Americans have their BBQ sauce, Italians have their marinara, Greeks have their tzatziki. You can spend years exploring all the sauces from around the world. One sauce that is new to me, and one that I am really excited about, is harissa. Let’s talk about it.
What is harissa?
Harissa is a pepper-based sauce that originates from the Northern Arabic countries of Africa: Algeria, Morocco, Libya, and Tunisia. Way back in the Age of Exploration, when European countries transported things back and forth between the Americas, Africa, and Europe, it is believed that Spanish colonists introduced the chili pepper into Northern Africa.
Over time, the chili pepper evolved into its own local cultivar: the Baklouti pepper. Primarily grown in Tunisia, they are the basis for harissa. Today, Tunisia is the largest exporter of harissa around the world and UNESCO lists harissa as part of Tunisia’s Intangible Cultural Heritage.

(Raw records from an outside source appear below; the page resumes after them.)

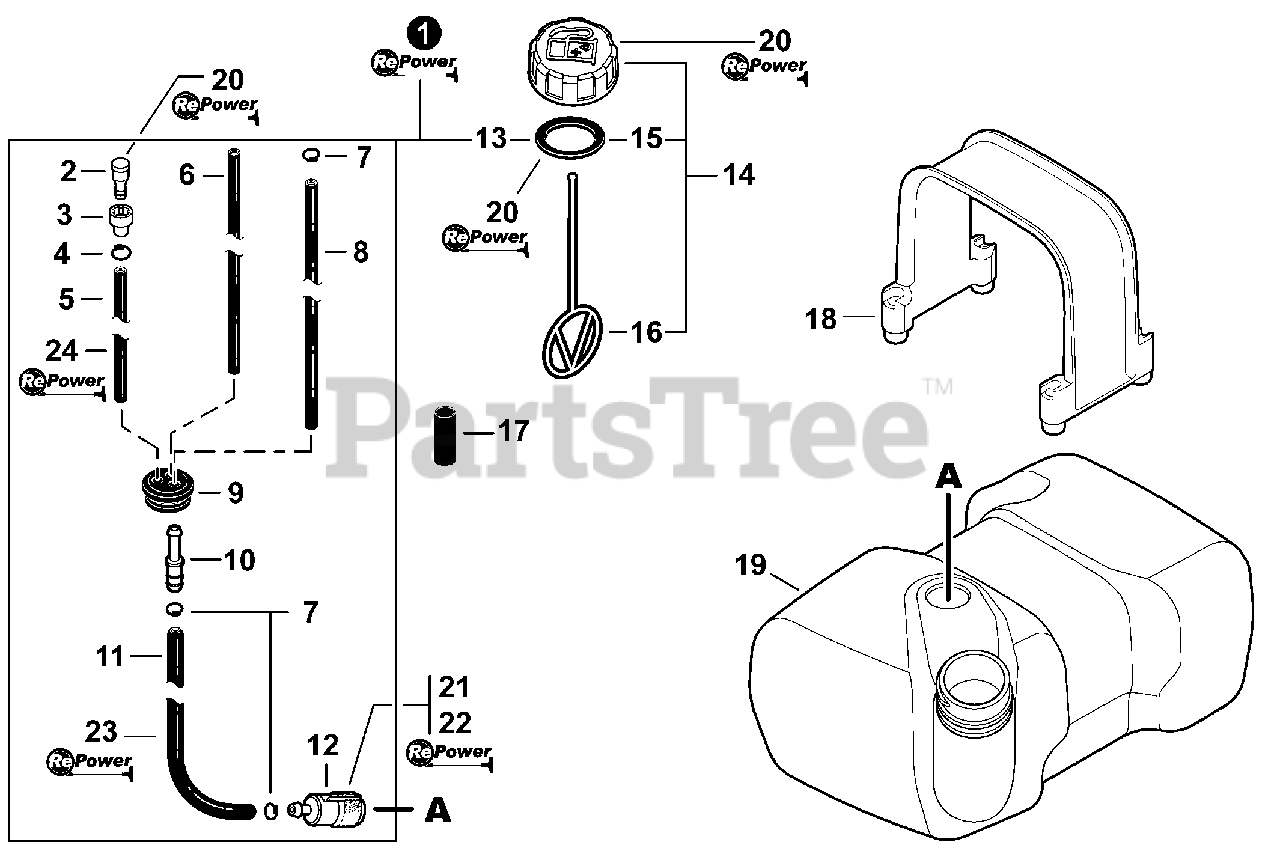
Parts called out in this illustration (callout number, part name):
1	FUEL SYSTEM KIT
2	VENT ASSY
3	HOLDER, VENT
4	CLIP Ø6.5 MM
5	PIPE, FUEL 3×6×130 BLACK
6	PIPE, FUEL 2.4×5×200 BLACK
7	CLIP Ø6
8	PIPE, FUEL 3×5×135L BLACK
9	GROMMET, FUEL
10	CONNECTOR, PIPE Ø5ר3.5
11	PIPE, FUEL 3×5×105L BLACK
12	FILTER, FUEL
13	GASKET, FUEL CAP
14	CAP ASSY, FUEL
15	GASKET, FUEL CAP
16	CONNECTOR, CAP L= 100 MM
17	TUBE, FUEL LINE 16×18×L40
18	RETAINER, FUEL TANK
19	TANK, FUEL
20	CAP/VENT KIT - REPOWER
21	TUNE-UP KIT - REPOWER
22	FILTER KIT - REPOWER
23	BULK PIPE - 3×5 MM BLACK (4 PIECES×2 M)
24	BULK PIPE - 3×6 MM BLACK (4 PIECES×2 M)
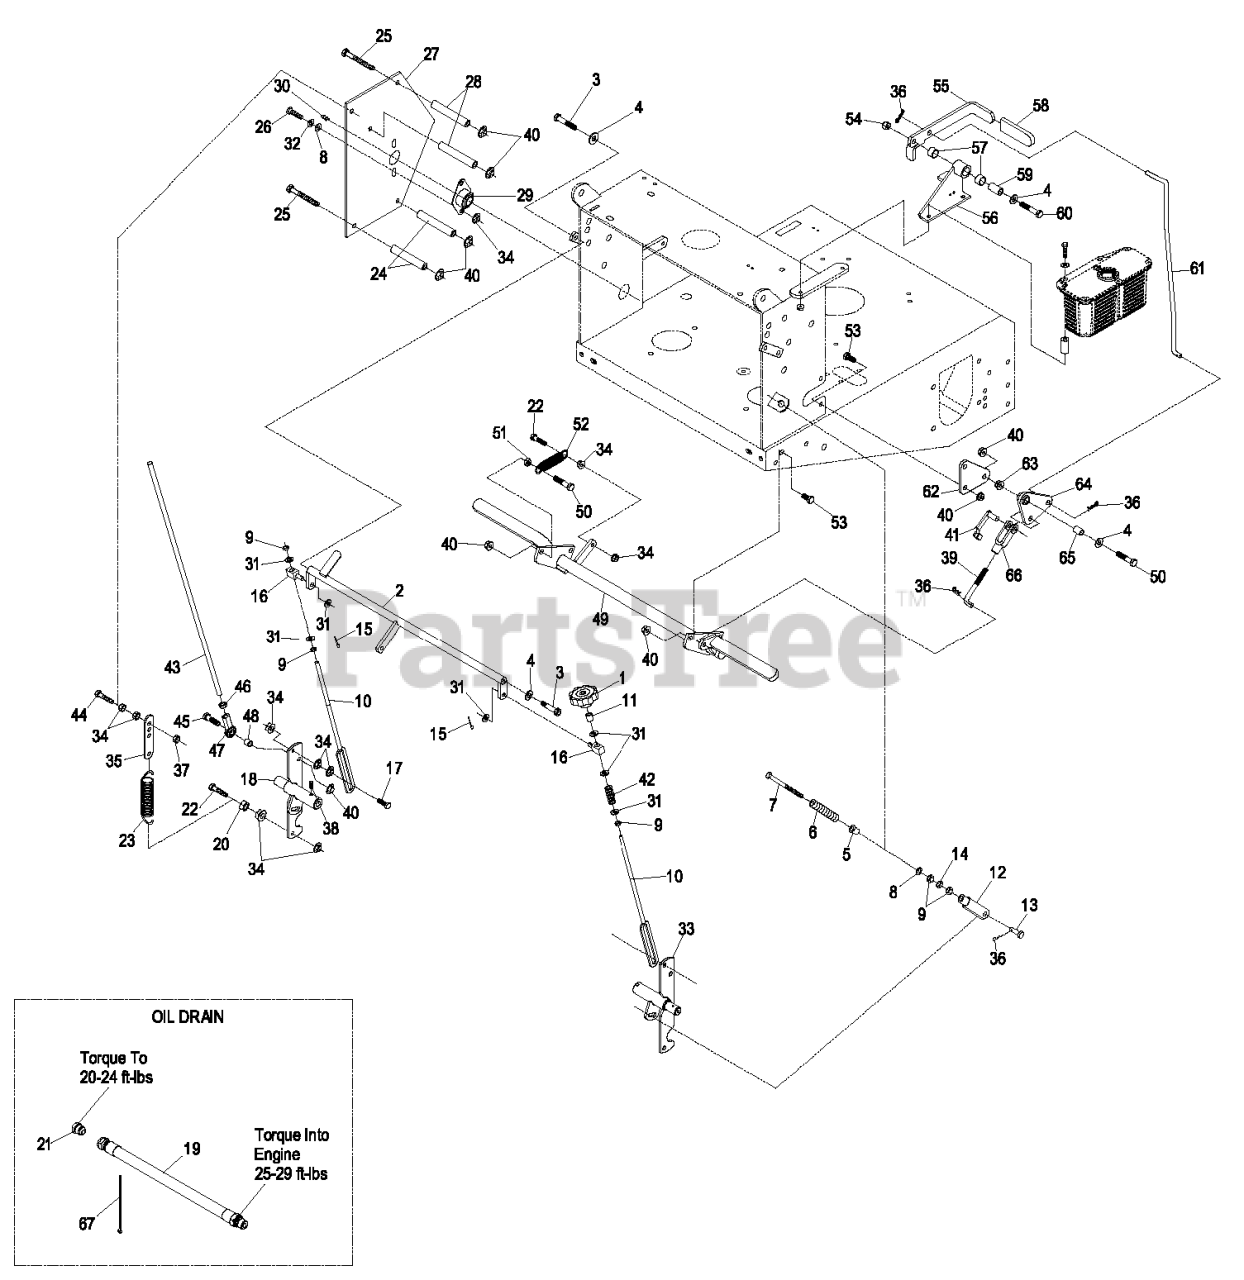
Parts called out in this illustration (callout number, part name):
1	KNOB-TRACKING
2	CRANK-CONTROL, SPEED
3	SCREW-HSH
4	WASHER-FLAT
5	BUSHING-FLANGED
6	SPRING,COMPRESSION (NEUT)
7	BOLT-RETURN, NEUTRAL
8	WASHER-FLAT
9	NUT-HEX
10	LINK-CONTROL, SPEED
12	YOKE-ADJUSTABLE
13	PIN-CLEVIS
14	NUT-JAM
15	PIN-COTTER
17	SCREW-HH
18	SHAFT-CONTROL, LH
20	NUT-JAM
22	SCREW-HH
23	SPRING-EXTENSION
24	SPACER-SHIELD
25	SCREW-HH
26	SCREW-HH
27	SHIELD-CONTROL
28	SPACER-SHIELD
29	BEARING-FLANGE, SIDE
30	FITTING-GREASE
31	WASHER-PLAIN
32	WASHER-LOCK
33	SHAFT-CONTROL, RH
35	TAB-SPRING, EXTENSION
36	PIN-COTTER
37	NUT-LOCK, NI
38	SCREW-SET
39	LINKAGE-LOWER
40	NUT-HHF, WHIZ
41	PIN-SPRING, CLEVIS
42	SPRING-COMPRESSION
43	LINKAGE,DRIVE (PLT)
44	BOLT-TAP, HH
45	SCREW-HH
46	NUT-HEX JAM, LH
47	JOINT-BALL END, LH
48	SPACER-TUBE, PUMP LINK
50	SCREW-HH
51	NUT-JAM
52	SPRING-IDLER
53	SCREW-HH
54	NUT-LOCK, NI
55	LEVER,PARK BRK W/DECAL
56	BRACKET ASM
57	SLEEVE-BUSHING
58	GRIP-LEVER
59	BUSHING-PIVOT
60	SCREW-HH
61	LINKAGE-UPPER
62	BELLCRANK
64	BELLCRANK ASM
65	BUSHING-PLASTIC
66	YOKE-LINKAGE, BRAKE
67	TIE-CABLE
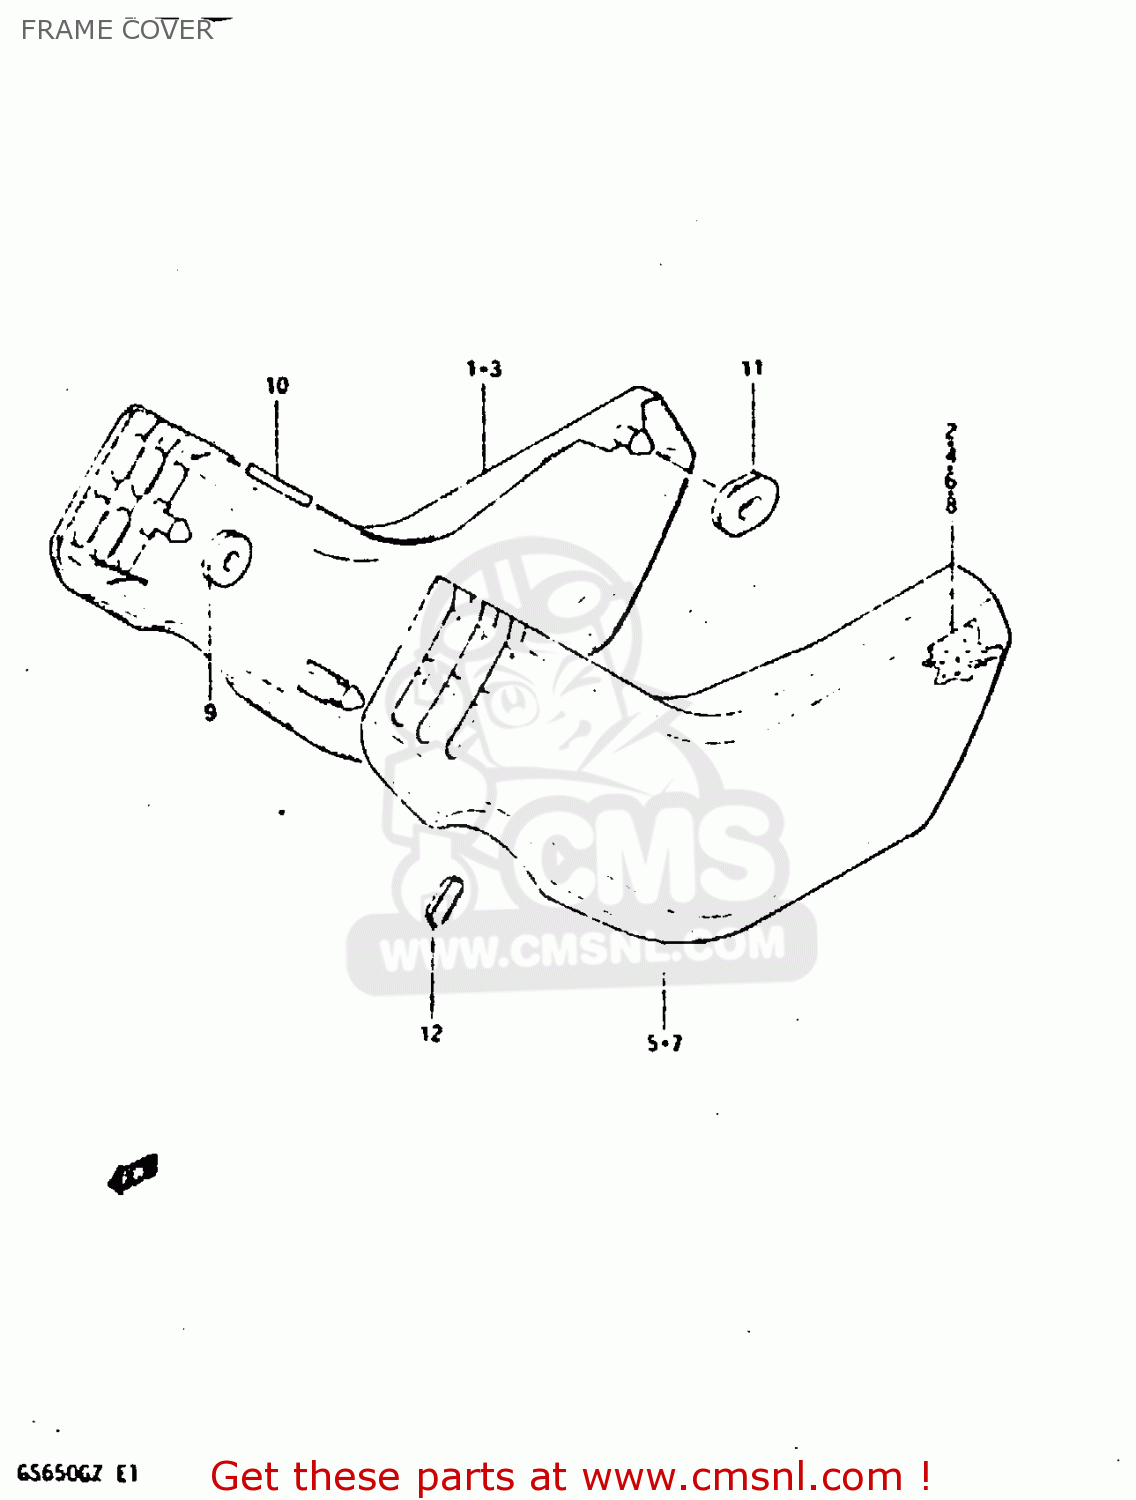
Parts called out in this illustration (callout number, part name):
1	COVER,FRAME,RIGHT
2	EMBLEM
3	COVER, FRAME RH (RED)
4	EMBLEM,FRAME COVER
5	COVER,FRAME,LEFT
6	EMBLEM
7	COVER, FRAME LH (RED)
8	EMBLEM,FRAME COVER
9	CUSHION
10	CUSHION
11	CUSHION
12	EMBLEM,FRAME COVER
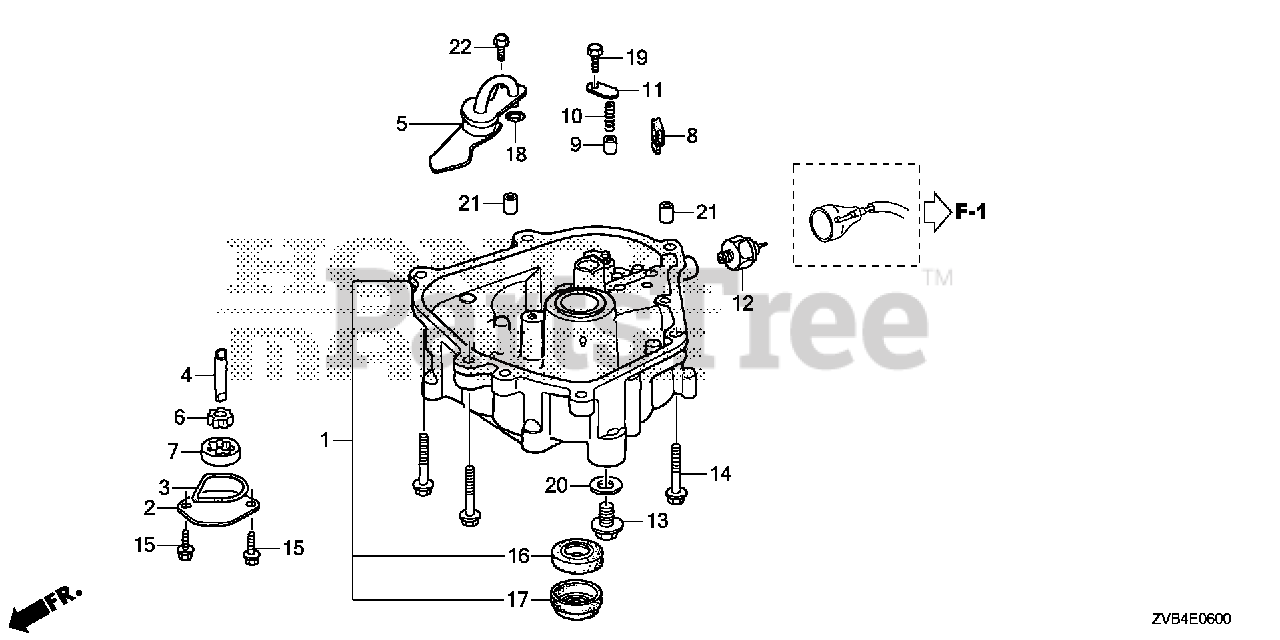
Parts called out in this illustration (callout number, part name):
1	PAN ASSY., OIL *NH8* (DARK GRAY)
2	COVER, OIL PUMP
3	O-RING, PUMP COVER
4	SHAFT, OIL PUMP
5	STRAINER, OIL
6	ROTOR, OIL PUMP (INNER)
7	ROTOR, OIL PUMP (OUTER)
8	RUBBER, OIL RETURN
9	VALVE, CHECK
10	SPRING, CHECK VALVE
11	PLATE, CHECK VALVE
12	SWITCH ASSY., OIL PRESSURE
13	BOLT, DRAIN PLUG (12MM)
14	BOLT, FLANGE (8X32)
15	BOLT, FLANGE (6X12)
16	OIL SEAL (25X38X7)
16	OIL SEAL (25X38X7) (ARAI)
17	SEAL, COUPLING (25X40X14)
18	O-RING (9.6X2.6) (ARAI)
19	BOLT, HEX. (6X12)
20	WASHER, DRAIN PLUG (12MM)
21	PIN A, DOWEL (8X14)
22	BOLT, FLANGE (6X12)

Cooks often add harissa to meat and vegetable stews and use it as accoutrement to couscous. It can also be used as a sauce on grilled meats and vegetables.
What is in harissa?
There are many variations on harissa; each country listed above has their own slightly different version and there are even regional variations within Tunisia. But there are a few constant ingredients.
First is the Baklouti pepper; every Tunisian version of harissa starts here. The peppers are roasted and ground into a paste and then mixed with salt, garlic paste, coriander, caraway seeds, cumin, olive oil, and lemon juice. There are varieties out there that add onions or crushed red pepper. There is even a version that uses rose petals.
What does harissa taste like? Is harissa spicy?
Harissa is very pepper forward and often has a strong smoky taste thanks to the roasted peppers. There are also strong hints of garlic and citrus from the lemon juice. The flavor is slightly similar to sriracha, but sriracha tends to be sweeter than harissa.
The Baklouti pepper falls between 1,000-5,000 on the Scoville scale, which is about the equivalent of a jalapeño. Harissa does tend to taste spicy, though, because there is not much in there to help cut the heat.
Harissa sauce vs harissa paste vs harissa seasoning: What’s the difference?
Harissa paste has the same texture and consistency as canned tomato paste. This version is a better ingredient to use in soups and stews. Harissa sauce is harissa paste diluted with olive oil, making it a better option for a dip or spread. Harissa seasoning is a powdered version of the paste that attempts to replicate the flavor of the paste/sauce. It usually has a base of chili pepper with cumin, coriander, and ground caraway seeds.
What is the correct harissa pronunciation?
Google says “huh-REE-suh,” so stick with that!